More results for different quantization schemes and different models (also the corresponding commands and important notes) are available in the [model zoo](model_zoo.md).  \
To download the quantized models through wget, please refer to a simple command in [model zoo](model_zoo.md). \
Checkpoints in [model zoo](model_zoo.md) are saved in floating point precision. To shrink the memory size, [BitPack](https://github.com/Zhen-Dong/BitPack) can be applied on [weight_integer](https://github.com/Zhen-Dong/HAWQ/blob/main/quant_train.py#L667) tensors, or directly on quantized_checkpoint.pth.tar file.

## Related Works
  - [HAWQ-V3: Dyadic Neural Network Quantization (ICML 2021)](https://arxiv.org/abs/2011.10680)

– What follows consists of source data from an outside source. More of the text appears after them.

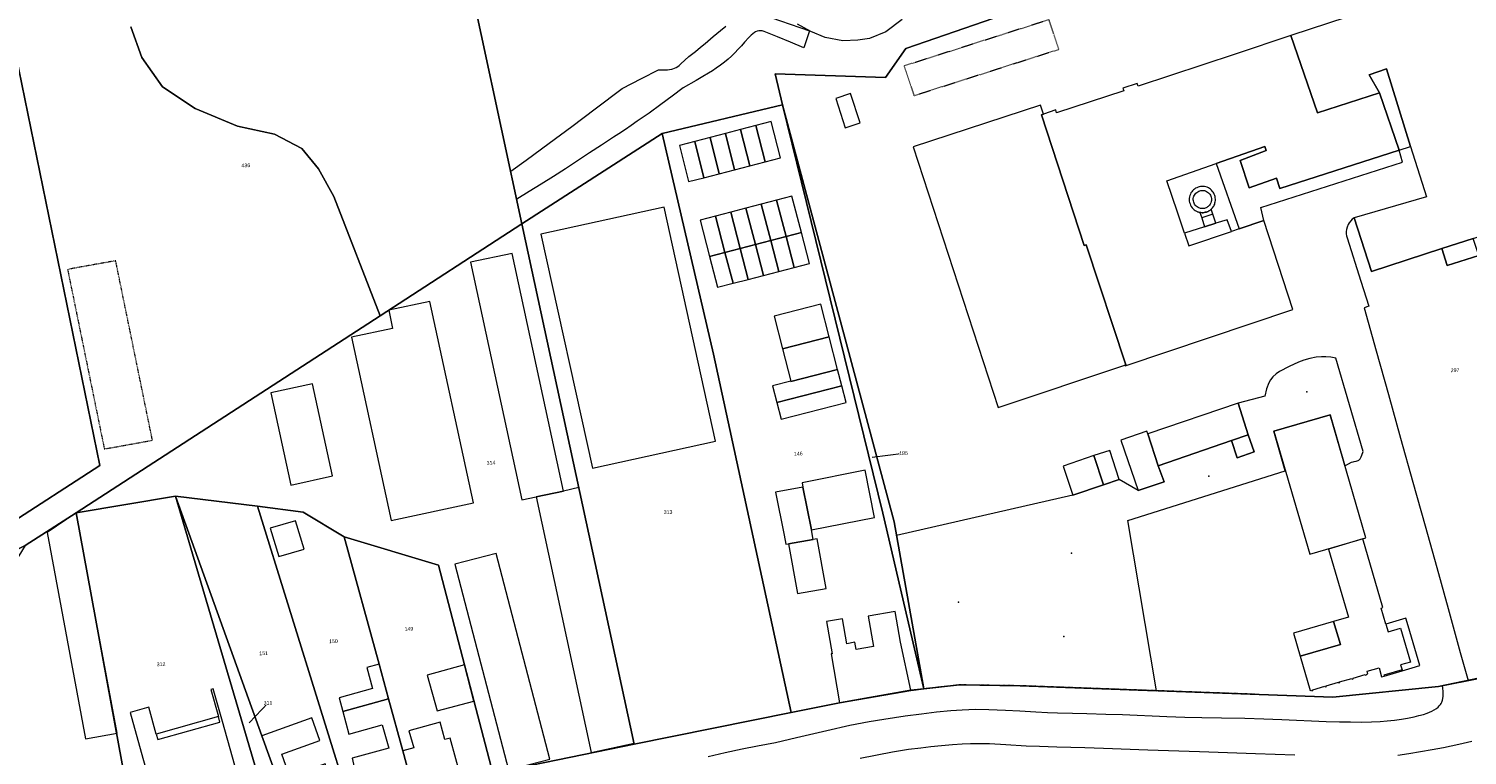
# Model space of a CAD drawing. Header units: millimetres. Extents: x -191 to 81095, y -508122 to 28741.
# Tile 166 of 251: x 4431 to 4701, y 10266 to 10403. Entities that reach past the tile are written whole.
import ezdxf

# ---------------------------------------------------------------- set-up
doc = ezdxf.new("R2010")
doc.units = ezdxf.units.MM
doc.linetypes.add('VE22-087 DB - VST Hervest-Dorsten ALK VA2736$0$1', pattern=[0])
doc.linetypes.add('VE22-087 DB - VST Hervest-Dorsten ALK VA2736$0$3', pattern=[0.26, 0.11, -0.15])
doc.layers.get('0').update_dxf_attribs({"color": 251})
for name, color, linetype, lineweight in [('VE22-087 DB - VST Hervest-Dorsten ALK VA2736$0$AX_Bauteil', 7, 'VE22-087 DB - VST Hervest-Dorsten ALK VA2736$0$1', 18), ('VE22-087 DB - VST Hervest-Dorsten ALK VA2736$0$AX_Flurstueck', 9, 'VE22-087 DB - VST Hervest-Dorsten ALK VA2736$0$1', 18), ('VE22-087 DB - VST Hervest-Dorsten ALK VA2736$0$AX_Gebaeude', 7, 'VE22-087 DB - VST Hervest-Dorsten ALK VA2736$0$1', 18), ('VE22-087 DB - VST Hervest-Dorsten ALK VA2736$0$AX_Gelaendekante', 7, 'VE22-087 DB - VST Hervest-Dorsten ALK VA2736$0$1', 18), ('VE22-087 DB - VST Hervest-Dorsten ALK VA2736$0$AX_IndustrieUndGewerbeflaeche', 7, 'VE22-087 DB - VST Hervest-Dorsten ALK VA2736$0$1', 18), ('VE22-087 DB - VST Hervest-Dorsten ALK VA2736$0$AX_SonstigesBauwerkOderSonstigeEinrichtung', 7, 'VE22-087 DB - VST Hervest-Dorsten ALK VA2736$0$1', 18), ('VE22-087 DB - VST Hervest-Dorsten ALK VA2736$0$AX_Strassenverkehr', 7, 'VE22-087 DB - VST Hervest-Dorsten ALK VA2736$0$1', 18), ('VE22-087 DB - VST Hervest-Dorsten ALK VA2736$0$AX_Strassenverkehrsanlage', 7, 'VE22-087 DB - VST Hervest-Dorsten ALK VA2736$0$1', 18), ('VE22-087 DB - VST Hervest-Dorsten ALK VA2736$0$AX_UntergeordnetesGewaesser', 7, 'VE22-087 DB - VST Hervest-Dorsten ALK VA2736$0$1', 18), ('VE22-087 DB - VST Hervest-Dorsten ALK VA2736$0$AX_Vegetationsmerkmal', 7, 'VE22-087 DB - VST Hervest-Dorsten ALK VA2736$0$1', 18), ('VE22-087 DB - VST Hervest-Dorsten ALK VA2736$0$AX_Wald', 7, 'VE22-087 DB - VST Hervest-Dorsten ALK VA2736$0$1', 18), ('VE22-087 DB - VST Hervest-Dorsten ALK VA2736$0$AX_Wohnbauflaeche', 7, 'VE22-087 DB - VST Hervest-Dorsten ALK VA2736$0$1', 18), ('VE22-087 DB - VST Hervest-Dorsten ALK VA2736$0$Flurgrenzen', 9, 'VE22-087 DB - VST Hervest-Dorsten ALK VA2736$0$1', 18)]:
    doc.layers.add(name, color=color, linetype=linetype, lineweight=lineweight)
doc.layers.add('XREF ALK Kataster', color=251, linetype='Continuous')
doc.styles.add('VE22-087 DB - VST Hervest-Dorsten ALK VA2736$0$0', font='arial.ttf')

# ---------------------------------------------------------------- blocks, each defined once
blk = doc.blocks.new('VE22-087 DB - VST Hervest-Dorsten ALK VA2736$0$99')
at = {"color": 0}
blk.add_point((0, 0), dxfattribs=at)
blk = doc.blocks.new('VE22-087 DB - VST Hervest-Dorsten ALK VA2736')
at = {"layer": 'VE22-087 DB - VST Hervest-Dorsten ALK VA2736$0$AX_Bauteil', "color": 7, "linetype": 'VE22-087 DB - VST Hervest-Dorsten ALK VA2736$0$1', "lineweight": 13, "ltscale": 0.5}
for points in [[(4656.06, 10366.69, 0), (4653.93, 10366.02, 0), (4651.84, 10365.36, 0), (4648.1, 10364.18, 0), (4648.91, 10361.79, 0), (4656.87, 10364.49, 0)], [(4653.38, 10367.73, 0), (4651.31, 10367.06, 0), (4651.84, 10365.36, 0), (4653.93, 10366.02, 0)], [(4689.64, 10291.79, 0), (4685.87, 10290.7, 0), (4686.29, 10289.26, 0), (4688.63, 10289.93, 0), (4690.5, 10283.56, 0), (4688.65, 10283.01, 0), (4688.92, 10282.12, 0), (4685.5, 10281.12, 0), (4685.56, 10280.93, 0), (4688.97, 10281.93, 0), (4690.83, 10282.47, 0), (4692.26, 10282.89, 0), (4690.06, 10290.34, 0)], [(4466.66, 10273.31, 0), (4454.98, 10270, 0), (4455.28, 10268.97, 0), (4466.94, 10272.27, 0)]]:
    blk.add_polyline3d(points, close=True, dxfattribs=at)
at = {"layer": 'VE22-087 DB - VST Hervest-Dorsten ALK VA2736$0$AX_Flurstueck', "linetype": 'VE22-087 DB - VST Hervest-Dorsten ALK VA2736$0$1', "lineweight": 13, "ltscale": 0.5}
for points in [[(4523.65, 10365.94, 0), (4549.98, 10382.88, 0), (4572.6, 10388.27, 0), (4571.18, 10394.11, 0), (4591.94, 10393.42, 0), (4595.74, 10398.86, 0), (4612.28, 10404.55, 0), (4589.61, 10474.45, 0), (4562.5, 10471.84, 0), (4563.36, 10469.09, 0), (4517.08, 10454.81, 0), (4514.31, 10450.23, 0), (4508.35, 10437.17, 0)], [(4695.76, 10278.97, 0), (4703.31, 10280.5, 0), (4711.99, 10282.33, 0), (4732.86, 10288.6, 0), (4736.15, 10289.78, 0), (4743.14, 10292.75, 0), (4816.67, 10323.27, 0), (4770.99, 10460.46, 0), (4770.57, 10460.3, 0), (4741.89, 10450.19, 0), (4650.2, 10418.7, 0), (4612.28, 10404.55, 0), (4595.74, 10398.86, 0), (4591.94, 10393.42, 0), (4571.18, 10394.11, 0), (4572.6, 10388.27, 0), (4593.55, 10309.9, 0), (4599.09, 10278.51, 0), (4605.82, 10279.26, 0), (4617.19, 10279.1, 0), (4675.94, 10276.97, 0)], [(4489.96, 10443.95, 0), (4456.42, 10433.62, 0), (4443.46, 10425.83, 0), (4436.89, 10421.88, 0), (4425.77, 10411.52, 0), (4444.4, 10320.48, 0), (4426.76, 10309.07, 0), (4417.84, 10299.37, 0), (4430.35, 10305.45, 0), (4439.92, 10311.62, 0), (4497.02, 10348.66, 0), (4523.65, 10365.94, 0), (4508.35, 10437.17, 0), (4505.34, 10451.19, 0), (4497, 10447.71, 0)], [(4425.77, 10411.52, 0), (4420.48, 10406.58, 0), (4400.19, 10384.53, 0), (4390.31, 10368.7, 0), (4380.63, 10349.58, 0), (4371.75, 10332.82, 0), (4366.14, 10324.04, 0), (4360.97, 10315.95, 0), (4345.98, 10299.94, 0), (4340.37, 10297.2, 0), (4338.72, 10296.45, 0), (4346.69, 10257.9, 0), (4347.3, 10258.05, 0), (4347.89, 10255.16, 0), (4347.28, 10255.04, 0), (4351.24, 10235.88, 0), (4359.37, 10236.5, 0), (4384.48, 10238.37, 0), (4397.98, 10239.38, 0), (4396.63, 10258.85, 0), (4417.84, 10299.37, 0), (4426.76, 10309.07, 0), (4444.4, 10320.48, 0)], [(4596.66, 10278.24, 0), (4599.09, 10278.51, 0), (4591.41, 10311.57, 0), (4572.6, 10388.27, 0), (4549.98, 10382.88, 0), (4559.61, 10341.43, 0), (4574.2, 10274.07, 0), (4583.29, 10275.92, 0)], [(4599.09, 10278.51, 0), (4593.55, 10309.9, 0), (4572.6, 10388.27, 0), (4591.41, 10311.57, 0)], [(4574.2, 10274.07, 0), (4559.61, 10341.43, 0), (4549.98, 10382.88, 0), (4523.65, 10365.94, 0), (4544.74, 10268.12, 0)], [(4544.74, 10268.12, 0), (4523.65, 10365.94, 0), (4497.02, 10348.66, 0), (4439.92, 10311.62, 0), (4458.56, 10314.76, 0), (4473.97, 10312.83, 0), (4482.55, 10311.75, 0), (4490.29, 10307.07, 0), (4507.97, 10301.78, 0), (4512.86, 10283.02, 0), (4518.15, 10262.7, 0)], [(4477.15, 10251.64, 0), (4458.56, 10314.76, 0), (4439.92, 10311.62, 0), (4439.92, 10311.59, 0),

  - [HAWQ-V2: Hessian Aware trace-Weighted Quantization of Neural Networks (NeurIPS 2020)](https://proceedings.neurips.cc//paper/2020/file/d77c703536718b95308130ff2e5cf9ee-Paper.pdf)
  - [HAWQ: Hessian AWare Quantization of Neural Networks with Mixed-Precision (ICCV 2019)](https://openaccess.thecvf.com/content_ICCV_2019/html/Dong_HAWQ_Hessian_AWare_Quantization_of_Neural_Networks_With_Mixed-Precision_ICCV_2019_paper.html)


## License
HAWQ is released under the [MIT license](LICENSE).